Longtemps après avoir appris votre séropositivité, vous avez rencontré Myriam Mascarello, journaliste sur la chaîne France 24. Comment avez-vous pris la décision d'écrire ce livre ensemble ?

Cette rencontre fut idéale, puisque Myriam s'intéressait beaucoup au VIH. Nous avons donc décidé d'écrire ce livre à partir de mon expérience de femme séropositive ayant vécu cette situation, dans un milieu où règne souvent la loi du silence.

En écrivant ce livre, avez-vous redouté la réaction des gens ?

Beaucoup ! Je savais que les "on dit" étaient très présents dans la société. Les gens parlent d'un sujet, le déforment sans jamais oser voir les choses telles qu'elles sont, au grand jour. Mais aujourd'hui, je sais que j'ai eu mille fois raison d'écrire ce livre.

Dans quels buts avez-vous rapporté cette expérience ?

J'ai connu une multitude d'expériences dans ma vie... Je suis aujourd'hui plus forte grâce à cela. Je voudrais que ce livre puisse non seulement aider les malades qui ont du mal à accepter, mais aussi faire comprendre à tout le monde que le SIDA n'est pas un sujet tabou. J'espère aussi que mon livre va passer les frontières et être lu en Afrique du Nord, qu'il va éveiller les consciences.

Quels sont vos autres projets au quotidien ?
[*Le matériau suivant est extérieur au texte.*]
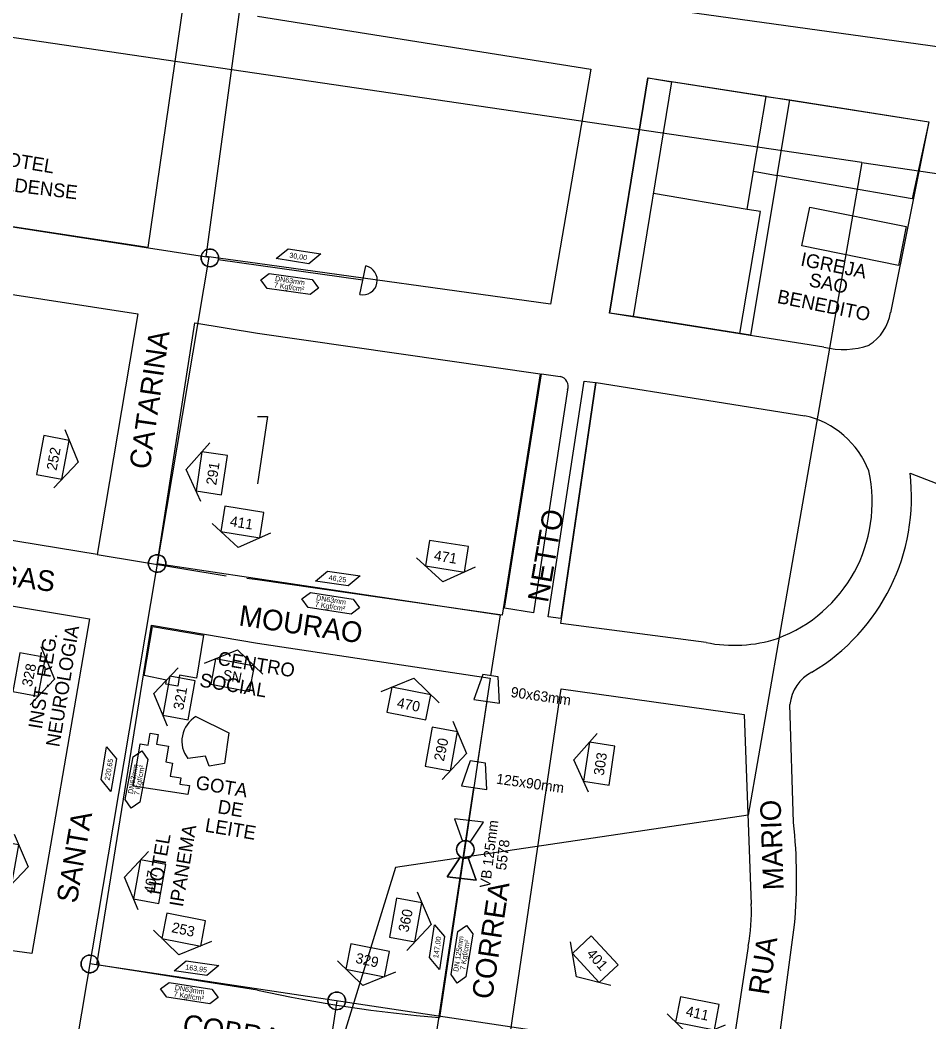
# Model space of a CAD drawing. Extents: x 325709 to 364434, y 7573432 to 7597073.
# Drawn here: x 338412.3 to 338676.7, y 7589659.1 to 7589950.5 of the extents above; entities that cross this region are included whole.
import ezdxf

# ---------------------------------------------------------------- set-up
doc = ezdxf.new("R2010")
doc.units = 0
for name, color, linetype in [('EDIFEXISTENT', 7, 'Continuous'), ('EDIFIDENTIF', 7, 'Continuous'), ('EDIFOBRAEXIS', 7, 'Continuous'), ('FORMATO', 7, 'Continuous'), ('LIMITE_BAIRROS_MUNICIPIOS', 7, 'Continuous'), ('LOGRADOURO', 7, 'Continuous'), ('LOGRADOURO_TEXTO', 7, 'Continuous'), ('NUM_REF', 7, 'Continuous'), ('SIMBOLO', 7, 'Continuous'), ('TEXTO', 7, 'Continuous'), ('TUBO_PEAD_GN_125', 7, 'Continuous'), ('TUBO_PEAD_GN_63', 7, 'Continuous'), ('TUBO_PEAD_GN_90', 7, 'Continuous'), ('VALVULA_PEAD_125', 7, 'Continuous')]:
    doc.layers.add(name, color=color, linetype=linetype)

# ---------------------------------------------------------------- blocks, each defined once
blk = doc.blocks.new('INTERLIGACAO')
at = {"layer": 'SIMBOLO'}
blk.add_circle((0, 0), 1.28, dxfattribs=at)
for start, end in [(0, 180), (180, 0)]:
    blk.add_arc((0, 0), 1.28, start, end, dxfattribs=at)
blk = doc.blocks.new('VALVULA_PEAD_DN_125')
at = {"layer": 'VALVULA_PEAD_125'}
for points in [[(-1.14, 0.57), (-4.25, 2.13), (-4.25, -2.13), (-1.14, -0.57)], [(-1.14, -0.57), (-4.25, -2.13), (-4.25, 2.13), (-1.14, 0.57)], [(1.14, -0.57), (4.25, -2.13), (4.25, 2.13), (1.14, 0.57)], [(1.14, -0.57), (4.25, -2.13), (4.25, 2.13), (1.14, 0.57)]]:
    blk.add_lwpolyline(points, dxfattribs=at)
blk.add_circle((0, 0), 1.28, dxfattribs=at)
for start, end in [(90, 270), (153.4349, 206.5651), (270, 90), (0, 26.5651), (333.4349, 0)]:
    blk.add_arc((0, 0), 1.28, start, end, dxfattribs=at)
blk = doc.blocks.new('NUM_REF')
at = {"layer": 'NUM_REF'}
blk.add_lwpolyline([(-4.3125, 0.9375), (0, 3.75), (4.3125, 0.9375)], dxfattribs=at)
blk.add_lwpolyline([(2.875, -1.875), (2.875, 1.875), (-2.875, 1.875), (-2.875, -1.875)], close=True, dxfattribs=at)

msp = doc.modelspace()

# ---------------------------------------------------------------- linework, layer by layer
at = {"layer": 'EDIFEXISTENT'}
for p, q in [((338639.76, 7589884.83), (338642.03, 7589896.12)), ((338642.03, 7589896.12), (338670.08, 7589890.5)), ((338670.08, 7589890.5), (338667.8, 7589879.14)), ((338667.8, 7589879.14), (338639.76, 7589884.83)), ((338448.43, 7589759.9), (338450.8, 7589774.11)), ((338450.8, 7589774.11), (338465.71, 7589771.65)), ((338465.71, 7589771.65), (338463.62, 7589759.14)), ((338454.92, 7589758.53), (338448.43, 7589759.9)), ((338454.73, 7589757.35), (338454.92, 7589758.53)), ((338458.72, 7589759.95), (338458.19, 7589756.77)), ((338463.62, 7589759.14), (338458.72, 7589759.95)), ((338458.19, 7589756.77), (338454.73, 7589757.35)), ((338463.45, 7589747.92), (338473.02, 7589743.23)), ((338449.53, 7589739.59), (338450.12, 7589743.11)), ((338450.12, 7589743.11), (338452.5, 7589742.71)), ((338473.02, 7589743.23), (338471.76, 7589734.27)), ((338452.5, 7589742.71), (338452.02, 7589739.86)), ((338445.21, 7589727.73), (338447.24, 7589739.97)), ((338447.24, 7589739.97), (338449.53, 7589739.59)), ((338452.02, 7589739.86), (338455.45, 7589739.28)), ((338455.45, 7589739.28), (338454.69, 7589734.73)), ((338454.69, 7589734.73), (338456.63, 7589734.4)), ((338456.63, 7589734.4), (338456, 7589730.59)), ((338466.26, 7589736.44), (338461.1, 7589735.74)), ((338467.36, 7589733.47), (338466.26, 7589736.44)), ((338471.76, 7589734.27), (338467.36, 7589733.47)), ((338456, 7589730.59), (338459.11, 7589730.07)), ((338459.11, 7589730.07), (338458.81, 7589728.31)), ((338461.12, 7589725.27), (338445.21, 7589727.73)), ((338458.81, 7589728.31), (338461.55, 7589727.85)), ((338461.55, 7589727.85), (338461.12, 7589725.27))]:
    msp.add_line(p, q, dxfattribs=at)
msp.add_arc((338467.66, 7589740.79), 8.28, 120.5749, 217.6076, dxfattribs=at)
at = {"layer": 'EDIFOBRAEXIS'}
for p, q in [((338629.36, 7589928.3), (338601.76, 7589932.58)), ((338623.84, 7589895.45), (338596.59, 7589900.03)), ((338553.2, 7589779.46), (338563.95, 7589847.61)), ((338563.95, 7589847.61), (338569.45, 7589846.88))]:
    msp.add_line(p, q, dxfattribs=at)
for points in [[(338595.05, 7589933.71), (338601.76, 7589932.58), (338590.63, 7589864.25), (338583.85, 7589865.24), (338595.05, 7589933.71)], [(338632.55, 7589905.28), (338636.26, 7589927.32), (338676.66, 7589920.95), (338671.85, 7589898.5), (338632.55, 7589905.28), (338624.74, 7589858.83), (338590.63, 7589864.25)], [(338625.7, 7589906.53), (338629.36, 7589928.3), (338636.26, 7589927.32)], [(338621.68, 7589859.31), (338627.65, 7589894.8), (338623.84, 7589895.45), (338625.7, 7589906.53), (338632.55, 7589905.28)], [(338576.43, 7589845.49), (338579.7, 7589845.06), (338569.6, 7589776.44), (338565.96, 7589776.96), (338576.43, 7589845.49)], [(338571.58, 7589842.92), (338561.71, 7589778.11), (338553.2, 7589779.46)], [(338481.39, 7589835.2), (338484.25, 7589835.24), (338481.39, 7589815.66)]]:
    msp.add_lwpolyline(points, dxfattribs=at)
msp.add_arc((338568.75, 7589843.95), 3.01, 340.1239, 76.6385, dxfattribs=at)
at = {"layer": 'LIMITE_BAIRROS_MUNICIPIOS'}
for points in [[(338657.19, 7589909.08), (338356.45, 7589953.26), (338434.11, 7590441.43), (338663.22, 7590410.21), (338845.4, 7590916.1), (338997.9, 7590425.8), (339063.34, 7590450), (338912.59, 7589871.56)], [(338657.19, 7589909.08), (338624.06, 7589719.21), (338521.53, 7589704.01), (338334.9, 7589099.85)], [(338657.19, 7589909.08), (338912.59, 7589871.56), (338870.82, 7589718.61), (338775.61, 7589646.81), (338916.66, 7589627.18)]]:
    msp.add_lwpolyline(points, dxfattribs=at)
at = {"layer": 'LOGRADOURO'}
for p, q in [((338459.81, 7589955.81), (338449.46, 7589884.34)), ((338702.07, 7589939.52), (338599.37, 7589953.79)), ((338466.44, 7589881.7), (338476.15, 7589952.8)), ((338481.39, 7589951.68), (338578.31, 7589936.19)), ((338578.31, 7589936.19), (338566.58, 7589867.92)), ((338583.75, 7589865.24), (338594.94, 7589933.71)), ((338594.94, 7589933.71), (338676.66, 7589920.95)), ((338676.66, 7589920.95), (338665.53, 7589865.4)), ((338449.46, 7589884.34), (338347.7, 7589899.92)), ((338344.5, 7589880.7), (338446.57, 7589865.1)), ((338481.39, 7589879.69), (338466.44, 7589881.7)), ((338566.58, 7589867.92), (338481.39, 7589879.69)), ((338446.57, 7589865.1), (338434.76, 7589795.04)), ((338646.16, 7589855.4), (338583.75, 7589865.24)), ((338452.15, 7589792.12), (338463.14, 7589862.44)), ((338463.14, 7589862.44), (338481.39, 7589859.4)), ((338481.39, 7589859.4), (338563.59, 7589847.61)), ((338563.59, 7589847.61), (338552.52, 7589777.4)), ((338569.59, 7589775.02), (338579.88, 7589845.11)), ((338579.88, 7589845.11), (338640.62, 7589835.42)), ((338671.22, 7589818.75), (338679.02, 7589815.75)), ((338434.76, 7589795.04), (338332.86, 7589811.81)), ((338330.98, 7589793.1), (338432.47, 7589776.35)), ((338472.25, 7589788.79), (338434.77, 7589795)), ((338481.39, 7589787.68), (338478.26, 7589788.06)), ((338552.52, 7589777.4), (338481.39, 7589787.68)), ((338432.47, 7589776.35), (338415.76, 7589678.98)), ((338434.61, 7589675.68), (338450.52, 7589774.49)), ((338450.52, 7589774.49), (338481.39, 7589769.31)), ((338611.85, 7589769.48), (338569.59, 7589775.02)), ((338481.39, 7589769.31), (338549.08, 7589759.07)), ((338549.08, 7589759.07), (338534.31, 7589660.36)), ((338555.1, 7589656.84), (338569.67, 7589755.95)), ((338569.67, 7589755.95), (338622.97, 7589748.52)), ((338637.32, 7589717.1), (338636.25, 7589751.42)), ((338622.97, 7589748.52), (338625.01, 7589693.41)), ((338415.76, 7589678.98), (338368.65, 7589685.54)), ((338632.15, 7589646.32), (338637.59, 7589687.34)), ((338624.08, 7589681.1), (338619.44, 7589650.41)), ((338481.39, 7589668.37), (338434.61, 7589675.68))]:
    msp.add_line(p, q, dxfattribs=at)
for centre, radius, start, end in [((338651.76, 7589867.74), 13.96, 302.7485, 350.3695), ((338651.76, 7589877.02), 22.34, 255.4876, 289.7614), ((338634.73, 7589809.83), 26.26, 21.2953, 77.0253), ((338617.95, 7589810.26), 42.23, 290.2865, 12.4538), ((338612.3, 7589811.81), 59.32, 300.7532, 6.7095), ((338620, 7589809.52), 40.87, 258.4936, 287.9446), ((338648, 7589750.32), 11.8, 116.9963, 174.6442), ((338487.33, 7589700.86), 150.87, 354.8597, 6.1799), ((338572.07, 7589691.21), 52.99, 349.0101, 2.3865), ((338569.82, 7590074.08), 415.24, 257.7038, 265.0934)]:
    msp.add_arc(centre, radius, start, end, dxfattribs=at)
at = {"layer": 'SIMBOLO'}
for points in [[(338496.31, 7589879.62), (338486.82, 7589881.11), (338490.3, 7589883.98), (338499.8, 7589882.49)], [(338484.8, 7589876.8), (338497.3, 7589875.03), (338499.16, 7589872.56), (338499.16, 7589872.56), (338496.69, 7589870.7), (338484.19, 7589872.46), (338482.33, 7589874.94), (338482.33, 7589874.94)], [(338507.78, 7589785.95), (338498.26, 7589787.3), (338501.71, 7589790.22), (338511.22, 7589788.87)], [(338496.78, 7589783.98), (338509.25, 7589782.05), (338511.08, 7589779.55), (338511.08, 7589779.55), (338508.58, 7589777.72), (338496.11, 7589779.66), (338494.28, 7589782.16), (338494.28, 7589782.16)], [(338551.78, 7589751.86), (338551.35, 7589759.5), (338546.89, 7589760.13), (338544.35, 7589752.92)], [(338440.32, 7589735.59), (338438.71, 7589726.12), (338435.89, 7589729.64), (338437.49, 7589739.11)], [(338442.86, 7589723.83), (338445.17, 7589736.25), (338447.72, 7589738), (338447.72, 7589738), (338449.47, 7589735.45), (338447.16, 7589723.03), (338444.61, 7589721.28), (338444.61, 7589721.28)], [(338548.11, 7589726.75), (338547.67, 7589734.38), (338543.22, 7589735.01), (338540.68, 7589727.8)], [(338535.74, 7589683.92), (338534.36, 7589674.41), (338531.45, 7589677.86), (338532.83, 7589687.37)], [(338537.68, 7589672.92), (338539.65, 7589685.39), (338542.15, 7589687.21), (338542.15, 7589687.21), (338543.97, 7589684.71), (338542, 7589672.24), (338539.5, 7589670.42), (338539.5, 7589670.42)], [(338466.66, 7589672.58), (338457.15, 7589673.93), (338460.59, 7589676.85), (338470.11, 7589675.5)], [(338455.66, 7589670.61), (338468.14, 7589668.67), (338469.96, 7589666.18), (338469.96, 7589666.18), (338467.47, 7589664.35), (338454.99, 7589666.28), (338453.17, 7589668.78), (338453.17, 7589668.78)]]:
    msp.add_lwpolyline(points, close=True, dxfattribs=at)
at = {"layer": 'TUBO_PEAD_GN_125'}
msp.add_line((338544.24, 7589727.3), (338517.75, 7589553.63), dxfattribs=at)
at = {"layer": 'TUBO_PEAD_GN_63'}
for p, q in [((338342.16, 7589900.77), (338467.18, 7589881.59)), ((338467.18, 7589881.59), (338421.99, 7589612.77)), ((338511.97, 7589874.82), (338469.96, 7589880.81)), ((338512.84, 7589878.98), (338511.09, 7589870.65)), ((338452.19, 7589792.4), (338551.92, 7589777.49)), ((338551.93, 7589777.5), (338549.12, 7589759.82)), ((338631.24, 7589646.28), (338432.62, 7589675.98)), ((338504.43, 7589665.24), (338499.9, 7589635.59))]:
    msp.add_line(p, q, dxfattribs=at)
msp.add_arc((338511.97, 7589874.82), 4.25, 258.156, 78.156, dxfattribs=at)
at = {"layer": 'TUBO_PEAD_GN_90'}
msp.add_line((338548.07, 7589752.39), (338545.37, 7589734.71), dxfattribs=at)

# ---------------------------------------------------------------- block references
at = {"layer": 'FORMATO'}
for p, xscale, yscale, rotation in [((338421.86, 7589823.31), 1.9999999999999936, 1.9999999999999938, -100.70632208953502), ((338468.06, 7589818.7), 1.9999999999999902, 1.9999999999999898, 81.3795703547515), ((338476.98, 7589804.53), 1.9999999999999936, 1.999999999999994, 170.91654670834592), ((338536.48, 7589794.55), 1.9999999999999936, 1.999999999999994, 170.91654670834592), ((338414.95, 7589760.17), 1.9999999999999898, 1.9999999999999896, -100.3090999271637), ((338474.12, 7589759.98), 1.9999999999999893, 1.9999999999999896, -10.741198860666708), ((338458.57, 7589753.32), 1.9999999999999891, 1.9999999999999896, 79.77047945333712), ((338525.41, 7589751.73), 1.9999999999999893, 1.9999999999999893, -11.202265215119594), ((338534.82, 7589738.49), 1.9999999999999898, 1.9999999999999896, -100.3090999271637), ((338580.78, 7589734.22), 1.9999999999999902, 1.9999999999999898, 81.3795703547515), ((338407.24, 7589705.59), 1.9999999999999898, 1.9999999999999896, -100.3090999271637), ((338450.03, 7589699.9), 1.9999999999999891, 1.9999999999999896, 79.77047945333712), ((338524.47, 7589688.76), 1.9999999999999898, 1.9999999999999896, -100.3090999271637), ((338459.92, 7589685.98), 1.9999999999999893, 1.9999999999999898, 168.96254512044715), ((338579.64, 7589677.35), 1.9999999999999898, 1.9999999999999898, 132.7983526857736), ((338513.43, 7589677.06), 1.9999999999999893, 1.9999999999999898, 168.96254512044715), ((338609.34, 7589661.64), 1.9999999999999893, 1.9999999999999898, 168.96254512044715)]:
    msp.add_blockref('NUM_REF', p, dxfattribs=dict(at, xscale=xscale, yscale=yscale, rotation=rotation))
at = {"layer": 'SIMBOLO'}
for p, xscale, yscale, rotation in [((338467.52, 7589881.33), 2, 2, -8.011999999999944), ((338452.18, 7589792.44), 2.0000000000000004, 1.9999999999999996, 22.031790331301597), ((338432.62, 7589675.98), 2.0000000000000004, 1.9999999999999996, 22.031790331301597), ((338504.43, 7589665.24), 2.0000000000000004, 1.9999999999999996, 22.031790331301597)]:
    msp.add_blockref('INTERLIGACAO', p, dxfattribs=dict(at, xscale=xscale, yscale=yscale, rotation=rotation))
at = {"layer": 'VALVULA_PEAD_125', "xscale": 1.9999999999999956, "yscale": 1.9999999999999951, "rotation": 82.88228201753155}
msp.add_blockref('VALVULA_PEAD_DN_125', (338541.84, 7589709.27), dxfattribs=at)

# ---------------------------------------------------------------- texts
for s, rotation, p in [('252', 79.2937, (338422.9, 7589819.35)), ('291', 81.3796, (338469.36, 7589815.08)), ('411', 350.9165, (338473.21, 7589803.35)), ('471', 350.9165, (338532.55, 7589793.4)), ('328', 78.2244, (338415.71, 7589756.44)), ('SN', 349.2588, (338471.04, 7589758.7)), ('321', 79.7705, (338459.78, 7589749.67)), ('470', 348.7977, (338521.75, 7589750.58)), ('290', 78.2244, (338535.58, 7589734.76)), ('303', 81.3796, (338582.08, 7589730.61)), ('VB 125mm', 82.8823, (338548.99, 7589697.93)), ('5578', 82.8823, (338553.66, 7589703.1)), ('407', 79.7705, (338451.23, 7589696.25)), ('360', 78.2244, (338525.22, 7589685.03)), ('253', 347.496, (338456.19, 7589685.27)), ('329', 347.496, (338509.69, 7589676.35)), ('401', 311.3318, (338576.88, 7589678.8)), ('411', 347.496, (338605.76, 7589660.9))]:
    msp.add_text(s, height=3, rotation=rotation).set_placement(p)
at = {"layer": 'EDIFIDENTIF'}
for s, rotation, p in [('HOTEL', 350.6301, (338404.32, 7589908.78)), ('CALDENSE', 353.1046, (338400.16, 7589901.81)), ('IGREJA', 348.67, (338639.14, 7589879.1)), ('SAO', 348.67, (338641.57, 7589873.11)), ('BENEDITO', 348.67, (338632.33, 7589868.26)), ('NEUROLOGIA', 80.6301, (338423.73, 7589738.89)), ('INST. REG.', 80.6301, (338418.62, 7589744.11)), ('CENTRO', 350.5534, (338469.58, 7589763.02)), ('SOCIAL', 350.5534, (338464.34, 7589756.69)), ('GOTA', 350.5534, (338463.19, 7589726.88)), ('DE', 350.5534, (338469.57, 7589719.85)), ('LEITE', 350.5534, (338465.91, 7589714.49)), ('IPANEMA', 80.5534, (338459.65, 7589692.38)), ('HOTEL', 80.5534, (338453.19, 7589695.93))]:
    msp.add_text(s, height=4, rotation=rotation, dxfattribs=at).set_placement(p)
at = {"layer": 'LOGRADOURO_TEXTO'}
for s, rotation, p in [('CATARINA', 81.7587, (338449.99, 7589819.61)), ('NETTO', 80.252, (338565.84, 7589780.86)), ('CHAGAS', 352.5268, (338388.5, 7589788.56)), ('MOURAO', 351.6288, (338475.71, 7589774.46)), ('MARIO', 92.0755, (338634.48, 7589697.55)), ('SANTA', 80.2658, (338428.79, 7589693.4)), ('CORREA', 81.4859, (338549.61, 7589665.46)), ('RUA', 81.3947, (338630.09, 7589666.72)), ('COBRA', 351.2235, (338459.3, 7589655.5))]:
    msp.add_text(s, height=6, rotation=rotation, dxfattribs=at).set_placement(p)
at = {"layer": 'TEXTO'}
for s, height, rotation, p in [('30,00', 1.5, 351.0538, (338490.56, 7589881.42)), ('7 Kgf/cm²', 1.5, 351.9655, (338486.08, 7589872.74)), ('DN63mm', 1.5, 351.9655, (338486.4, 7589874.61)), ('46,25', 1.5, 351.9239, (338502, 7589787.66)), ('7 Kgf/cm²', 1.5, 351.1832, (338498, 7589779.91)), ('DN63mm', 1.5, 351.1832, (338498.35, 7589781.78)), ('90x63mm', 3, 351.9158, (338554.9, 7589753.64)), ('220,65', 1.5, 80.3876, (338438.36, 7589729.29)), ('DN63mm', 1.5, 79.4593, (338445.11, 7589725.34)), ('7 Kgf/cm²', 1.5, 79.4593, (338446.97, 7589724.93)), ('125x90mm', 3, 351.9158, (338550.68, 7589728.44)), ('147,00', 1.5, 81.774, (338533.93, 7589677.58)), ('DN 125mm', 1.5, 81.0334, (338539.75, 7589673.62)), ('7 Kgf/cm²', 1.5, 81.0334, (338541.76, 7589674.13)), ('163,95', 1.5, 351.9239, (338460.31, 7589674.37)), ('7 Kgf/cm²', 1.5, 351.1832, (338456.88, 7589666.54)), ('DN63mm', 1.5, 351.1832, (338457.23, 7589668.4))]:
    msp.add_text(s, height=height, rotation=rotation, dxfattribs=at).set_placement(p)

doc.saveas('drawing.dxf')

Je m'investis au sein de l'association Ikambéré (www.ikambere.com), qui accueille les femmes africaines atteintes par la maladie. J'ai aussi proposé un projet d'association pour réunir les malades de toutes les couleurs, de tous les âges, de toutes les sexualités... Les gens pourraient se retrouver au sein d'un loft pour s'informer, repartir avec des documents et des préservatifs, participer à des initiatives telles que des sorties et des pièces de théâtre.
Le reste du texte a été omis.